What do I do personally? My programs have lots of inactive debug code built in. If you’re having an issue I send a time-stamped encrypted key that unlocks the debug code. It generates an encrypted log that allows me to see exactly what the code is doing. Over time I have had to improve on some of that code (and update client systems immediately with the enhancements), but the diagnostics are as much a part of the code as the functional code itself. As time goes on from one release to another and specific pieces of code become "rock solid" I’ll remove some of the code (usually by just commenting it out) to avoid having the precautionary code become a performance issue.
Your mileage may vary of course. I don’t recommend that every piece of your code have extensive diagnostics embedded in case something should happen. But we all know the more critical areas where things can fail, and frankly it’s usually pretty obvious what segments of code are good candidates for extended error handling and what segments don’t need it. The thing I’m barking about here is the obvious, the common, the bit of code that’s likely to break even if it hasn’t done so in your normal testing. This is what Unit Testing is all about in the rest of the world – something almost never done in MV. (Yes, I do write unit tests for BASIC code, and maybe that should be an article by itself .)
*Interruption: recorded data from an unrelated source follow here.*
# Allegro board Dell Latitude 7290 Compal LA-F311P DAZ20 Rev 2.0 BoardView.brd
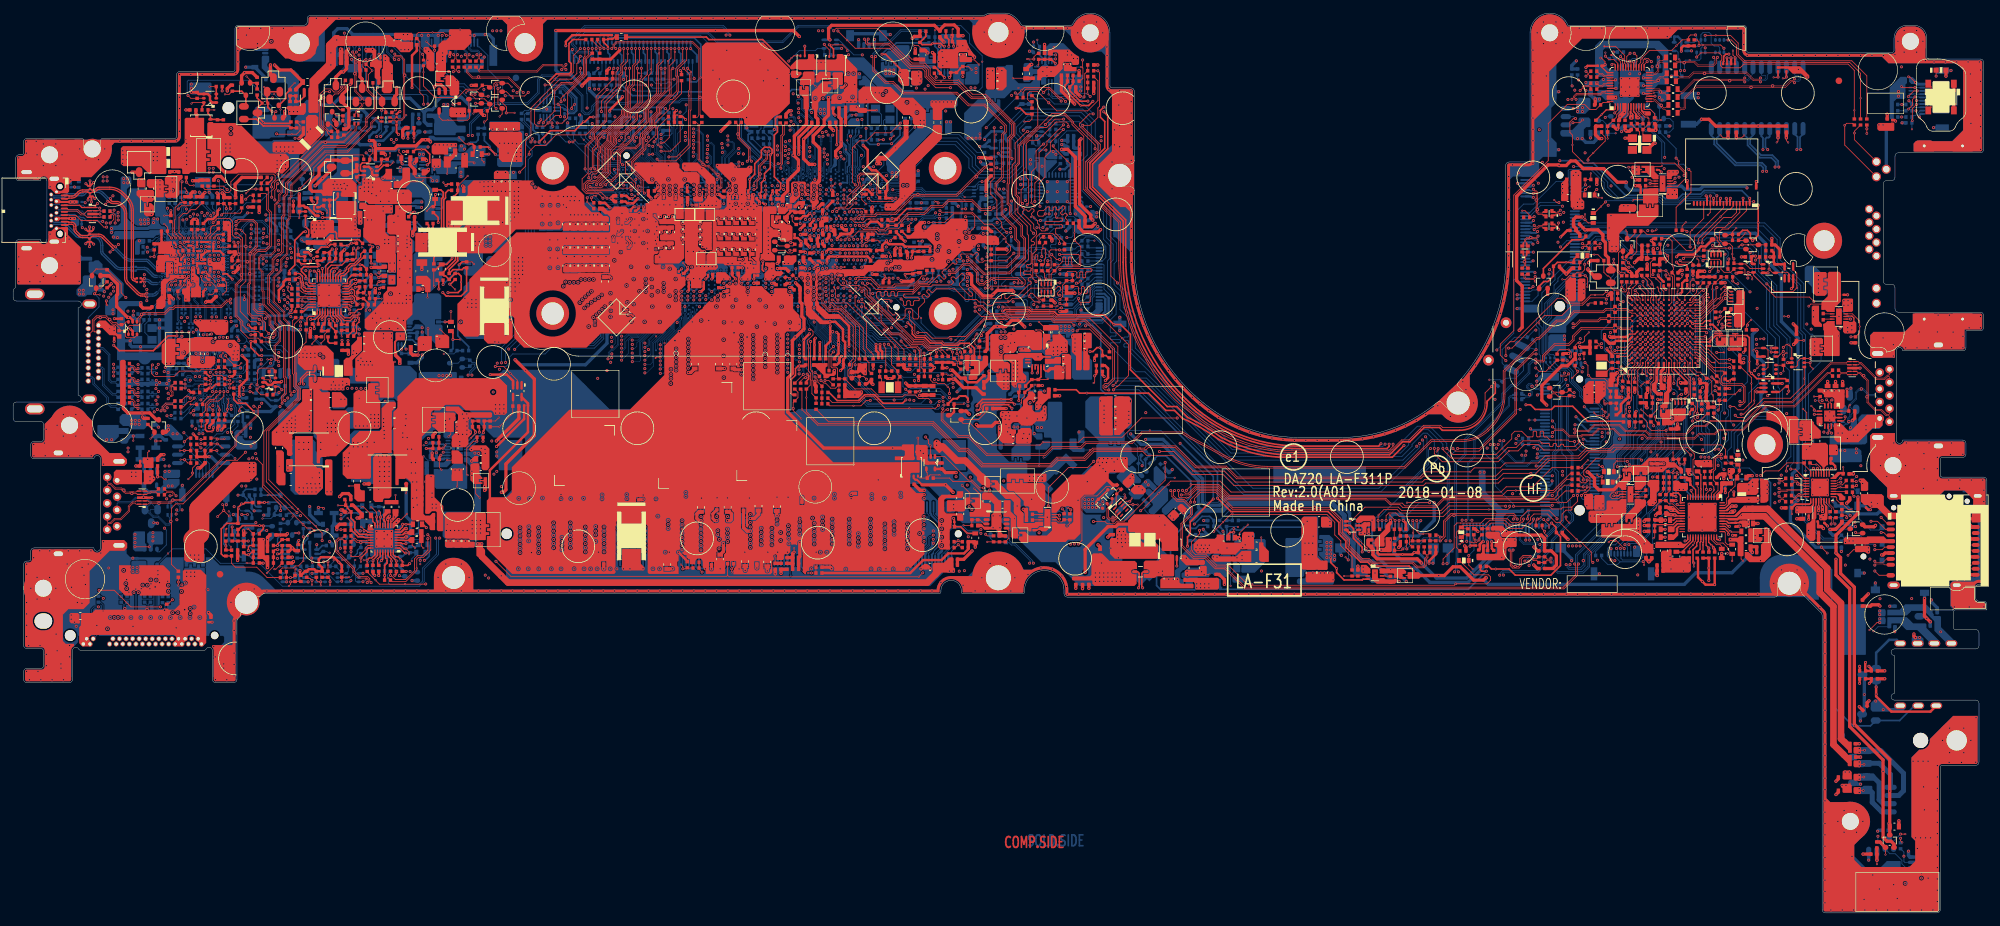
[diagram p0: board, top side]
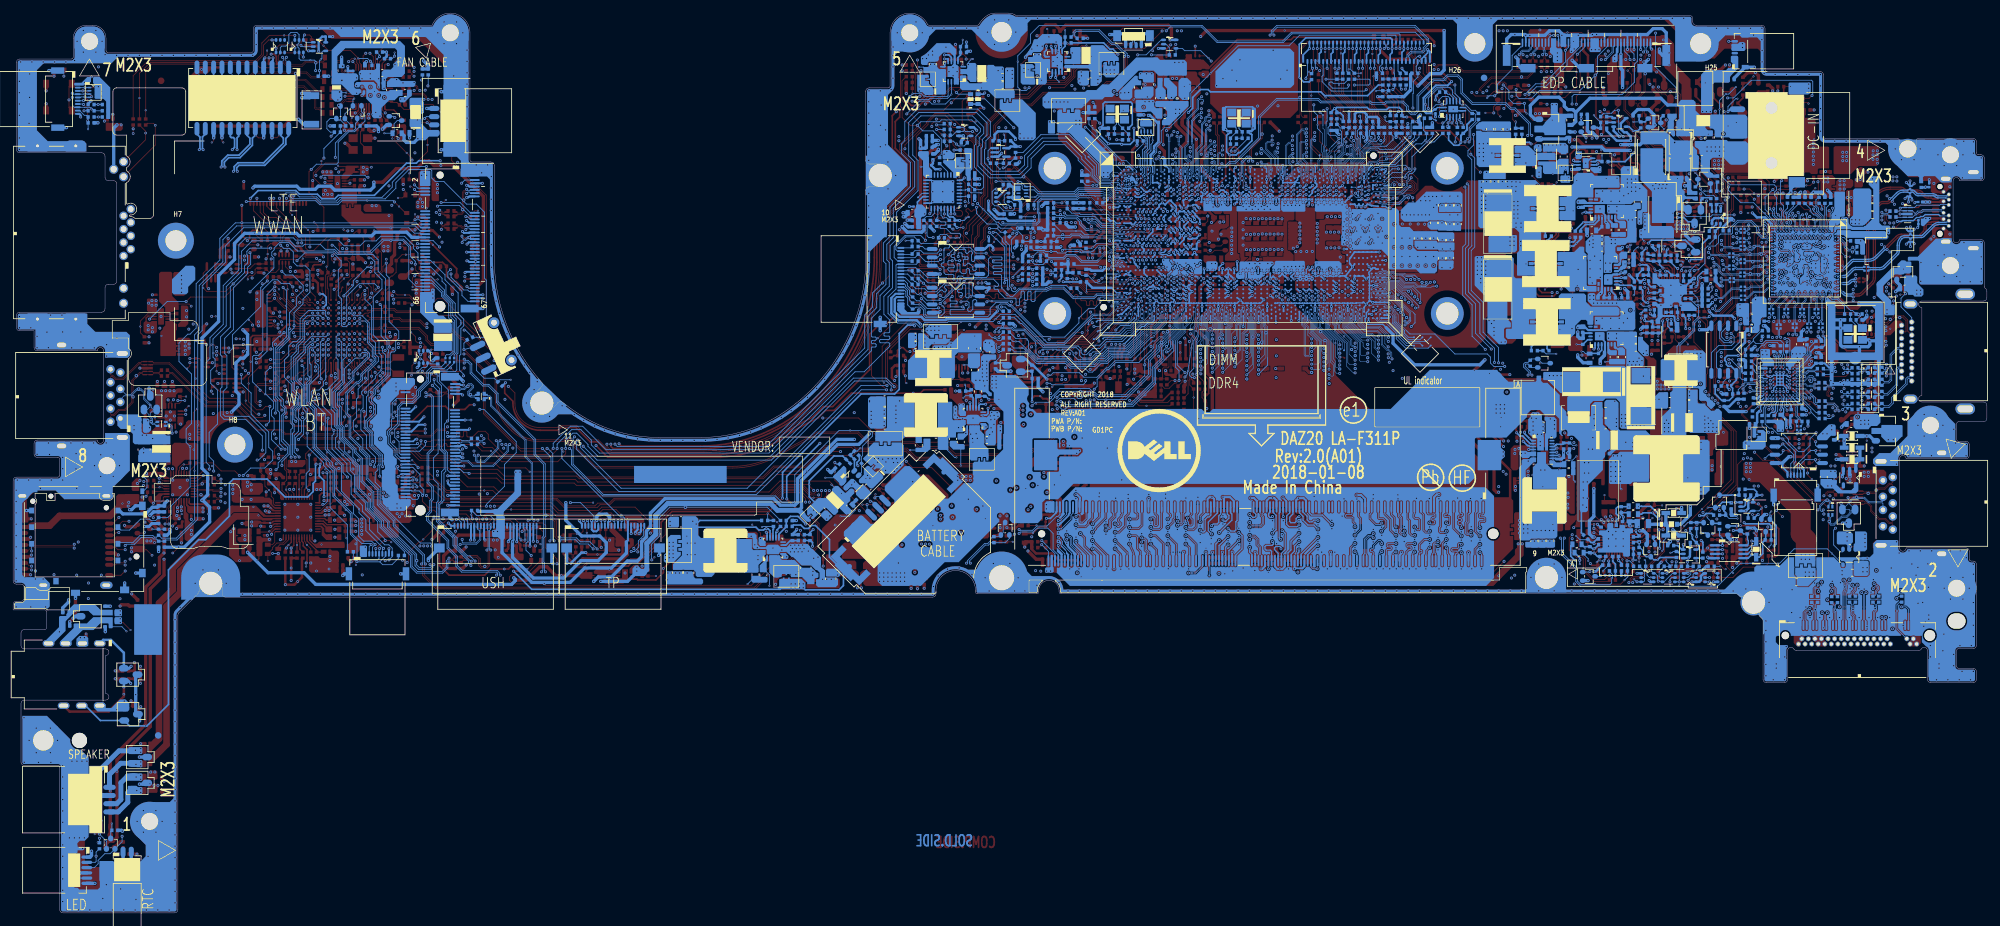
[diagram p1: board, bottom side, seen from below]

Outline 300.7 x 137.2 mm; copper layers: TOP, GND1, IN1, GND2, IN2, IN3, VCC, IN4, GND3, BOTTOM. Coordinates in mm from the lower left corner of the outline.

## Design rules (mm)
net group 20: nets DDR_DRAMRST#_R EMMC_RCOMP
net group AR_DP1_CTRL_CLK: nets AR_DP1_CTRL_CLK AR_DP1_CTRL_DATA
net group CPU_DP1_0: nets CPU_DP1_N0 CPU_DP1_P0
net group CPU_DP1_0_C: nets CPU_DP1_N0_C CPU_DP1_P0_C
net group CPU_DP1_1_C: nets CPU_DP1_N1_C CPU_DP1_P1_C
net group CPU_DP1_2: nets CPU_DP1_N2 CPU_DP1_P2
net group CPU_DP1_2_C: nets CPU_DP1_N2_C CPU_DP1_P2_C
net group CPU_DP1_3: nets CPU_DP1_N3 CPU_DP1_P3
net group CPU_DP1_3_C: nets CPU_DP1_N3_C CPU_DP1_P3_C
net group CPU_DP1_AUX_C: nets CPU_DP1_AUXN_C CPU_DP1_AUXP_C
net group DIFFPAIR2: nets PCIE_PRX_DTX_N1 PCIE_PRX_DTX_P1
net group DIFFPAIR4: nets USB20_N9 USB20_P9
net group DIFFPAIR5: nets USB3_PRX_DTX_N6 USB3_PRX_DTX_P6
net group DIFFPAIR6: nets USB3_PTX_DRX_N6 USB3_PTX_DRX_P6
net group DIFFPAIR7: nets TBTA_USB20_N_R TBTA_USB20_P_R
net group DIFFPAIR8: nets USB20_N9_R USB20_P9_R
net group DIFFPAIR9: nets SW_USB20_N9 SW_USB20_P9
net group DIFFPAIR17: nets N18278920 N18278998
net group DIFFPAIR18: nets USB3_PTX_C_DRX_N6 USB3_PTX_C_DRX_P6
net group HDMI_CTRL_CLK: nets HDMI_CTRL_CLK HDMI_CTRL_DATA
net group INT_SPK_L: nets INT_SPK_L+ INT_SPK_L-
net group INT_SPK_R: nets INT_SPK_R+ INT_SPK_R-
net group INT_SPKR_L: nets INT_SPKR_L+ INT_SPKR_L-
net group INT_SPKR_R: nets INT_SPKR_R+ INT_SPKR_R-
net group ISH_I2C2_SCL: nets ISH_I2C2_SCL ISH_I2C2_SDA
net group LAN_MDI0: nets LAN_MDIN0 LAN_MDIP0
net group LAN_MDI0_L: nets LAN_MDIN0_L LAN_MDIP0_L
net group LAN_MDI1: nets LAN_MDIN1 LAN_MDIP1
net group LAN_MDI1_L: nets LAN_MDIN1_L LAN_MDIP1_L
net group LAN_MDI2: nets LAN_MDIN2 LAN_MDIP2
net group LAN_MDI2_L: nets LAN_MDIN2_L LAN_MDIP2_L
net group LAN_MDI3: nets LAN_MDIN3 LAN_MDIP3
net group LAN_MDI3_L: nets LAN_MDIN3_L LAN_MDIP3_L
net group LPSS_UART2_XD: nets LPSS_UART2_RXD LPSS_UART2_TXD
net group MEM_SMB: nets MEM_SMBCLK MEM_SMBDATA
net group MSCLK: nets MSCLK MSDATA
net group PBAT_CHARGER_SMB: nets PBAT_CHARGER_SMBCLK PBAT_CHARGER_SMBDAT
net group PCIE_PRX_C_DTX_5: nets PCIE_PRX_C_DTX_N5 PCIE_PRX_C_DTX_P5
net group PCIE_PRX_C_DTX_6: nets PCIE_PRX_C_DTX_N6 PCIE_PRX_C_DTX_P6
net group PCIE_PRX_C_DTX_7: nets PCIE_PRX_C_DTX_N7 PCIE_PRX_C_DTX_P7
net group PCIE_PRX_C_DTX_8: nets PCIE_PRX_C_DTX_N8 PCIE_PRX_C_DTX_P8
net group PCIE_PRX_DTX_3: nets PCIE_PRX_DTX_N3 PCIE_PRX_DTX_P3
net group PCIE_PRX_DTX_5: nets PCIE_PRX_DTX_N5 PCIE_PRX_DTX_P5
net group PCIE_PRX_DTX_6: nets PCIE_PRX_DTX_N6 PCIE_PRX_DTX_P6
net group PCIE_PRX_DTX_7: nets PCIE_PRX_DTX_N7 PCIE_PRX_DTX_P7
net group PCIE_PRX_DTX_8: nets PCIE_PRX_DTX_N8 PCIE_PRX_DTX_P8
net group PCIE_PTX_C_DRX_3: nets PCIE_PTX_C_DRX_N3 PCIE_PTX_C_DRX_P3
net group PCIE_PTX_C_DRX_5: nets PCIE_PTX_C_DRX_N5 PCIE_PTX_C_DRX_P5
net group PCIE_PTX_C_DRX_6: nets PCIE_PTX_C_DRX_N6 PCIE_PTX_C_DRX_P6
net group PCIE_PTX_C_DRX_7: nets PCIE_PTX_C_DRX_N7 PCIE_PTX_C_DRX_P7
net group PCIE_PTX_C_DRX_8: nets PCIE_PTX_C_DRX_N8 PCIE_PTX_C_DRX_P8
net group PCIE_PTX_DRX_3: nets PCIE_PTX_DRX_N3 PCIE_PTX_DRX_P3
net group PCIE_PTX_DRX_5: nets PCIE_PTX_DRX_N5 PCIE_PTX_DRX_P5
net group PCIE_PTX_DRX_6: nets PCIE_PTX_DRX_N6 PCIE_PTX_DRX_P6
net group PCIE_PTX_DRX_7: nets PCIE_PTX_DRX_N7 PCIE_PTX_DRX_P7
net group PCIE_PTX_DRX_8: nets PCIE_PTX_DRX_N8 PCIE_PTX_DRX_P8
net group REM_DIODE1: nets REM_DIODE1_N REM_DIODE1_P
net group REM_DIODE2: nets REM_DIODE2_N REM_DIODE2_P
net group REM_DIODE4: nets REM_DIODE4_N REM_DIODE4_P
net group RJ45_MDI0: nets RJ45_MDIN0 RJ45_MDIP0
net group RJ45_MDI1: nets RJ45_MDIN1 RJ45_MDIP1
net group RJ45_MDI2: nets RJ45_MDIN2 RJ45_MDIP2
net group RJ45_MDI3: nets RJ45_MDIN3 RJ45_MDIP3
net group SENSE: nets VCC_GT_SENSE VSS_GT_SENSE
net group SML0_SMB: nets SML0_SMBCLK SML0_SMBDATA
net group SML1_SMB: nets SML1_SMBCLK SML1_SMBDATA
net group TBTA_AUX: nets TBTA_AUXN TBTA_AUXP
net group TBTA_AUX_C: nets TBTA_AUXN_C TBTA_AUXP_C
net group TBTA_LSX_R: nets TBTA_LSRX_R TBTA_LSTX_R
net group TBTA_USB20: nets TBTA_USB20_N TBTA_USB20_P
net group UPD1_SMBD: nets UPD1_SMBCLK_Q UPD1_SMBDAT_Q
net group USB3_PRX_DTX_2: nets USB3_PRX_DTX_N2 USB3_PRX_DTX_P2
net group USB3_PRX_DTX_3: nets USB3_PRX_DTX_N3 USB3_PRX_DTX_P3
net group USB3_PRX_L_DTX_2: nets USB3_PRX_L_DTX_N2 USB3_PRX_L_DTX_P2
net group USB3_PTX_C_DRX_2: nets USB3_PTX_C_DRX_N2 USB3_PTX_C_DRX_P2
net group USB3_PTX_C_DRX_3: nets USB3_PTX_C_DRX_N3 USB3_PTX_C_DRX_P3
net group USB3_PTX_DRX_2: nets USB3_PTX_DRX_N2 USB3_PTX_DRX_P2
net group USB3_PTX_DRX_3: nets USB3_PTX_DRX_N3 USB3_PTX_DRX_P3
net group USB3_PTX_L_DRX_2: nets USB3_PTX_L_DRX_N2 USB3_PTX_L_DRX_P2
net group USB20_1: nets USB20_N1 USB20_P1
net group USB20_2: nets USB20_N2 USB20_P2
net group USB20_2_R: nets USB20_N2_R USB20_P2_R
net group USB20_4: nets USB20_N4 USB20_P4
net group USB20_4_L: nets USB20_N4_L USB20_P4_L
net group USB20_5: nets USB20_N5 USB20_P5
net group USB20_5_R: nets USB20_N5_R USB20_P5_R
net group USB20_7: nets USB20_N7 USB20_P7
net group USB20_7_L: nets USB20_N7_L USB20_P7_L
net group USB20_8: nets USB20_N8 USB20_P8
net group USB20_8_R: nets USB20_N8_R USB20_P8_R
net group USB20_10: nets USB20_N10 USB20_P10
net group VCCSENSE: nets VCCSENSE VSSSENSE
net group VSA_SEN: nets VSA_SEN+ VSA_SEN-
net group VSSIO_SENSE: nets VCCIO_SENSE VSSIO_SENSE
net group 10: nets AUD_HP_NB_SENSE AUD_HP_OUT_L AUD_HP_OUT_L1 AUD_HP_OUT_R AUD_HP_OUT_R1 AUD_SENSE_A
net group 15: nets BC_CLK_ECE1117 CLK_TP_SIO_R CPU_DP2_CTRL_CLK CPU_XDP_TCLK DAT_TP_SIO_I2C_CLK DDR_XDP_WAN_SMBCLK DMIC_CLK0 ESPI_CLK_5105 HDA_BIT_CLK HDA_BIT_CLK_R I2C1_SCK_TP_R JTAG_CLK PCH_JTAG_TCK PCI_CLK_LPC1 SUSCLK SUSCLK_R TBT_I2C_SCL TBT_ROM_CLK WIGIG_32KHZ XCLK_BIASREF XDP_JTAGX
net group AR-90H: nets TBTA_RX1N TBTA_RX1P TBTA_RX2N TBTA_RX2P TBTA_TX1N TBTA_TX1N_C TBTA_TX1P TBTA_TX1P_C TBTA_TX2N TBTA_TX2N_C TBTA_TX2P TBTA_TX2P_C
net group AR-TBT: nets TBTA_BOT_N TBTA_BOT_N_R TBTA_BOT_P TBTA_BOT_P_R TBTA_LSRX TBTA_LSTX TBTA_TOP_N TBTA_TOP_N_R TBTA_TOP_P TBTA_TOP_P_R
net group AR_HDMI: nets AR_DP1_N0 AR_DP1_N1 AR_DP1_N2 AR_DP1_N3 AR_DP1_P0 AR_DP1_P1 AR_DP1_P2 AR_DP1_P3 HDMI_CLKN HDMI_CLKP HDMI_L_CLKN HDMI_L_CLKP HDMI_L_TX_N0 HDMI_L_TX_N1 HDMI_L_TX_N2 HDMI_L_TX_P0 HDMI_L_TX_P1 HDMI_L_TX_P2 HDMI_TX_N0 HDMI_TX_N1 HDMI_TX_N2 HDMI_TX_P0 HDMI_TX_P1 HDMI_TX_P2
net group ASYNC: nets H_CATERR# H_THERMTRIP# H_VCCST_PWRGD_XDP PCH_PLTRST# PCH_PLTRST#_5105 PCH_PLTRST#_AND PCH_PLTRST#_EC PLTRST_LAN# PLTRST_TPM# VCCST_PWRGD XDP_OBS0 XDP_OBS0_R XDP_OBS1 XDP_OBS1_R
net group CL_IAMT: nets PCH_CL_CLK1 PCH_CL_DATA1 PCH_CL_RST1#
net group DDR_XDP_WAN_SMB: nets DDR_XDP_WAN_SMBDAT
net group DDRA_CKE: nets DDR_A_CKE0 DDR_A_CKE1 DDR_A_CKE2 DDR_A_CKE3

If anything sticks with you from this blog entry, let it be this: Look at an error message in your code. Picture a scenario where someone calls and tells you they got that error. Will you have to ask for more information? Will you have to ask the user to "do it again" so you can see what data triggered the issue? If so then add that helpful info into the code ahead of time so that you don’t force your software users to unnecessarily endure ongoing pain.